- _Exercise prompt_
A single figure is required: the number of lines below in which the word "contexts" occurs.

*** Opening of Records ***

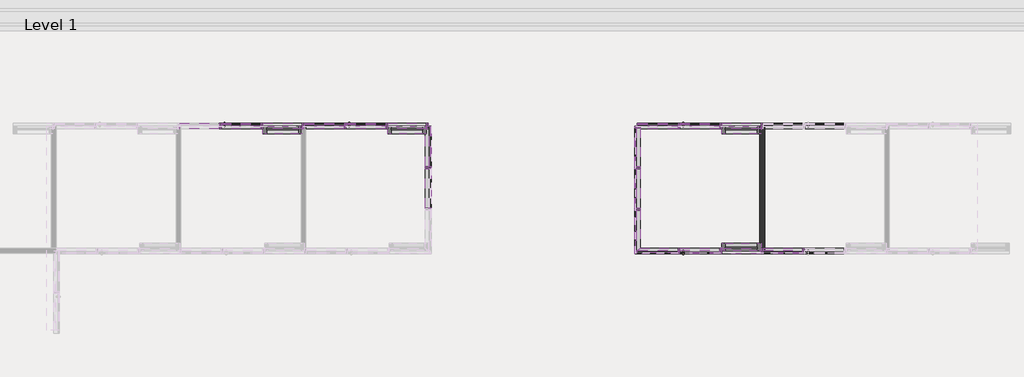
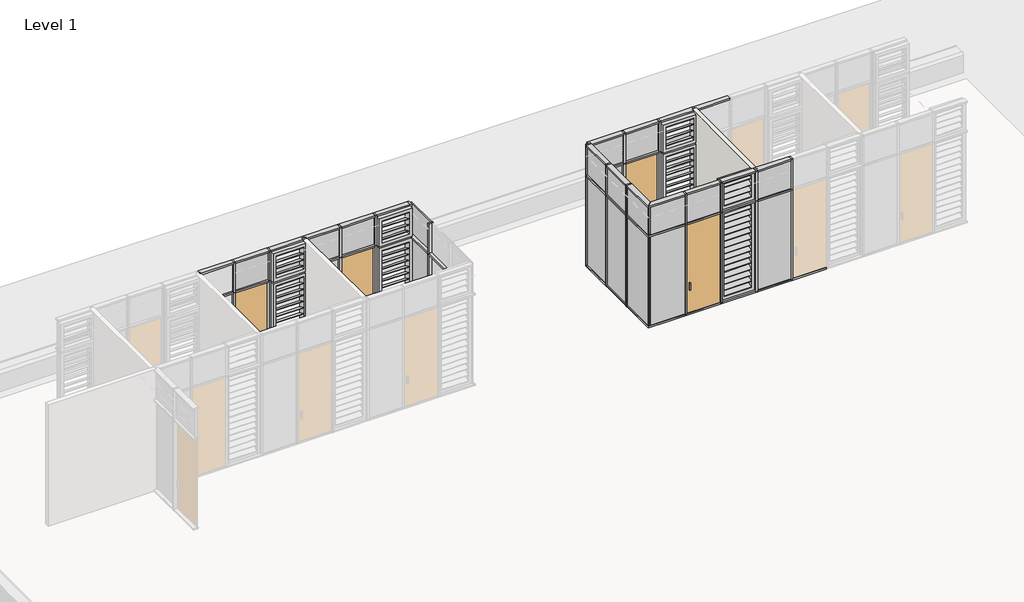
# One storey, part 15 of 32: 89 members, 28 plates, 4 doors, 1 wall.
"""IFC4 building model written with IfcOpenShell, lengths in millimetres."""

from ifc_helpers import new_model, si_unit, frame, origin, place, context, project, spatial, polyline, outline, extrude, transform, mapped, element, save
from components import curtain_wall_door_single_glass_nz_curtain_wall_door_single_2bf20aac, curtain_wall_door_single_glass_nz_curtain_wall_door_single_ff8afd41, rectangular_mullion_50x150mm_c4504768, rectangular_mullion_50x150mm_6c7cb899, rectangular_mullion_50x150mm_b0af8bb0, rectangular_mullion_50x150mm_bbc1c4ea, rectangular_mullion_50x150mm_1a36453b, rectangular_mullion_50x150mm_ef3a484d, rectangular_mullion_50x150mm_593aaa1e, rectangular_mullion_50x150mm_a65b6ca2, rectangular_mullion_50x150mm_38419d34, rectangular_mullion_50x150mm_68c91185, rectangular_mullion_50x150mm_eeb88b28, rectangular_mullion_50x150mm_0d540e17, rectangular_mullion_50x150mm_108cdc6f, rectangular_mullion_50x150mm_714122bf, rectangular_mullion_50x150mm_feac3df2, rectangular_mullion_50x150mm_2309bebb, rectangular_mullion_50x150mm_e53cf1c9, rectangular_mullion_50x150mm_f8d06da4, rectangular_mullion_50x150mm_4a5ed774, curtain_wall_panel_louver_20805_curtain_wall_panel_louver_4af505d4, curtain_wall_panel_louver_20805_curtain_wall_panel_louver_7a5f8102, curtain_wall_panel_louver_20805_curtain_wall_panel_louver_14332c5b, curtain_wall_panel_glass_louver_20805_curtain_wall_panel_036772b2, curtain_wall_panel_glass_louver_20805_curtain_wall_panel_a4448eae, curtain_wall_panel_glass_louver_20805_curtain_wall_panel_0f8e40a1, system_panel_glazed_a5e8ce8b, system_panel_glazed_2ffedfca, system_panel_glazed_7622d22c, system_panel_glazed_a434d42b, system_panel_glazed_53fe5bbb, system_panel_glazed_01376e9d, system_panel_glazed_57f08e05, system_panel_glazed_300e6ed4, system_panel_glazed_c118dd0e, system_panel_solid_585523e5, system_panel_solid_9660e4da, system_panel_solid_746005ab, system_panel_solid_10c0fb46

model = new_model("IFC4")

# Units and contexts
model_context = context("Model", 3, world=origin())
ifc_project = project(units=[si_unit("LENGTHUNIT", "METRE", prefix="MILLI")], contexts=[model_context])

# Site, building, storey
site = spatial("IfcSite", under=ifc_project)
building = spatial("IfcBuilding", under=site)
storey = spatial("IfcBuildingStorey", under=building, Name="Level 1", Elevation=2800.0)

# Doors
placement = place(None, origin())
curtain_wall_door_single_glass_nz_curtain_wall_door_single_shape = curtain_wall_door_single_glass_nz_curtain_wall_door_single_2bf20aac(model_context)
element("IfcDoor", 1, ObjectType="Curtain Wall Door-Single-Glass (NZ) : Curtain Wall Door-Single-Glass (NZ)", at=placement, inside=storey, context=model_context, shape_type="MappedRepresentation", body=[
    mapped(curtain_wall_door_single_glass_nz_curtain_wall_door_single_shape, transform((-66780.3056756, 5494.0800404, 2850.0), x_axis=(1.0, 0.0, 0.0), y_axis=(0.0, 1.0, 0.0), z_axis=(0.0, 0.0, 1.0))),
])
element("IfcDoor", 2, ObjectType="Curtain Wall Door-Single-Glass (NZ) : Curtain Wall Door-Single-Glass (NZ)", at=placement, inside=storey, context=model_context, shape_type="MappedRepresentation", body=[
    mapped(curtain_wall_door_single_glass_nz_curtain_wall_door_single_shape, transform((-75609.8408447, 5494.0800404, 2850.0), x_axis=(1.0, 0.0, 0.0), y_axis=(0.0, 1.0, 0.0), z_axis=(0.0, 0.0, 1.0))),
])
element("IfcDoor", 3, ObjectType="Curtain Wall Door-Single-Glass (NZ) : Curtain Wall Door-Single-Glass (NZ)", at=placement, inside=storey, context=model_context, shape_type="MappedRepresentation", body=[
    mapped(curtain_wall_door_single_glass_nz_curtain_wall_door_single_shape, transform((-78909.8408447, 5494.0800404, 2850.0), x_axis=(1.0, 0.0, 0.0), y_axis=(0.0, 1.0, 0.0), z_axis=(0.0, 0.0, 1.0))),
])
curtain_wall_door_single_glass_nz_curtain_wall_door_single_2_shape = curtain_wall_door_single_glass_nz_curtain_wall_door_single_ff8afd41(model_context)
element("IfcDoor", 4, ObjectType="Curtain Wall Door-Single-Glass (NZ) : Curtain Wall Door-Single-Glass (NZ)", at=placement, inside=storey, context=model_context, shape_type="MappedRepresentation", body=[
    mapped(curtain_wall_door_single_glass_nz_curtain_wall_door_single_2_shape, transform((-66780.3056756, 2194.0800404, 2850.0), x_axis=(1.0, 0.0, 0.0), y_axis=(0.0, 1.0, 0.0), z_axis=(0.0, 0.0, 1.0))),
])

# Members
rectangular_mullion_50x150mm_shape = rectangular_mullion_50x150mm_c4504768(model_context)
element("IfcMember", 5, ObjectType="Rectangular Mullion : 50x150mm", at=placement, inside=storey, context=model_context, shape_type="MappedRepresentation", body=[
    mapped(rectangular_mullion_50x150mm_shape, transform((-65155.3056756, 5494.0800404, 5800.0), x_axis=(0.0, 0.0, 1.0), y_axis=(0.0, -1.0, 0.0), z_axis=(1.0, 0.0, 0.0))),
])
element("IfcMember", 6, ObjectType="Rectangular Mullion : 50x150mm", at=placement, inside=storey, context=model_context, shape_type="MappedRepresentation", body=[
    mapped(rectangular_mullion_50x150mm_shape, transform((-66255.3056756, 5494.0800404, 5800.0), x_axis=(0.0, 0.0, 1.0), y_axis=(0.0, -1.0, 0.0), z_axis=(1.0, 0.0, 0.0))),
])
element("IfcMember", 7, ObjectType="Rectangular Mullion : 50x150mm", at=placement, inside=storey, context=model_context, shape_type="MappedRepresentation", body=[
    mapped(rectangular_mullion_50x150mm_shape, transform((-76184.8408447, 5494.0800404, 5800.0), x_axis=(0.0, 0.0, 1.0), y_axis=(0.0, -1.0, 0.0), z_axis=(1.0, 0.0, 0.0))),
])
element("IfcMember", 8, ObjectType="Rectangular Mullion : 50x150mm", at=placement, inside=storey, context=model_context, shape_type="MappedRepresentation", body=[
    mapped(rectangular_mullion_50x150mm_shape, transform((-79484.8408447, 5494.0800404, 5800.0), x_axis=(0.0, 0.0, 1.0), y_axis=(0.0, -1.0, 0.0), z_axis=(1.0, 0.0, 0.0))),
])
element("IfcMember", 9, ObjectType="Rectangular Mullion : 50x150mm", at=placement, inside=storey, context=model_context, shape_type="MappedRepresentation", body=[
    mapped(rectangular_mullion_50x150mm_shape, transform((-75084.8408447, 5494.0800404, 5800.0), x_axis=(0.0, 0.0, 1.0), y_axis=(0.0, -1.0, 0.0), z_axis=(1.0, 0.0, 0.0))),
])
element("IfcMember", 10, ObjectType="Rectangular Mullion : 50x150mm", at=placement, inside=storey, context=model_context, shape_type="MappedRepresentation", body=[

*** Close of Records ***

- _Written solution_
2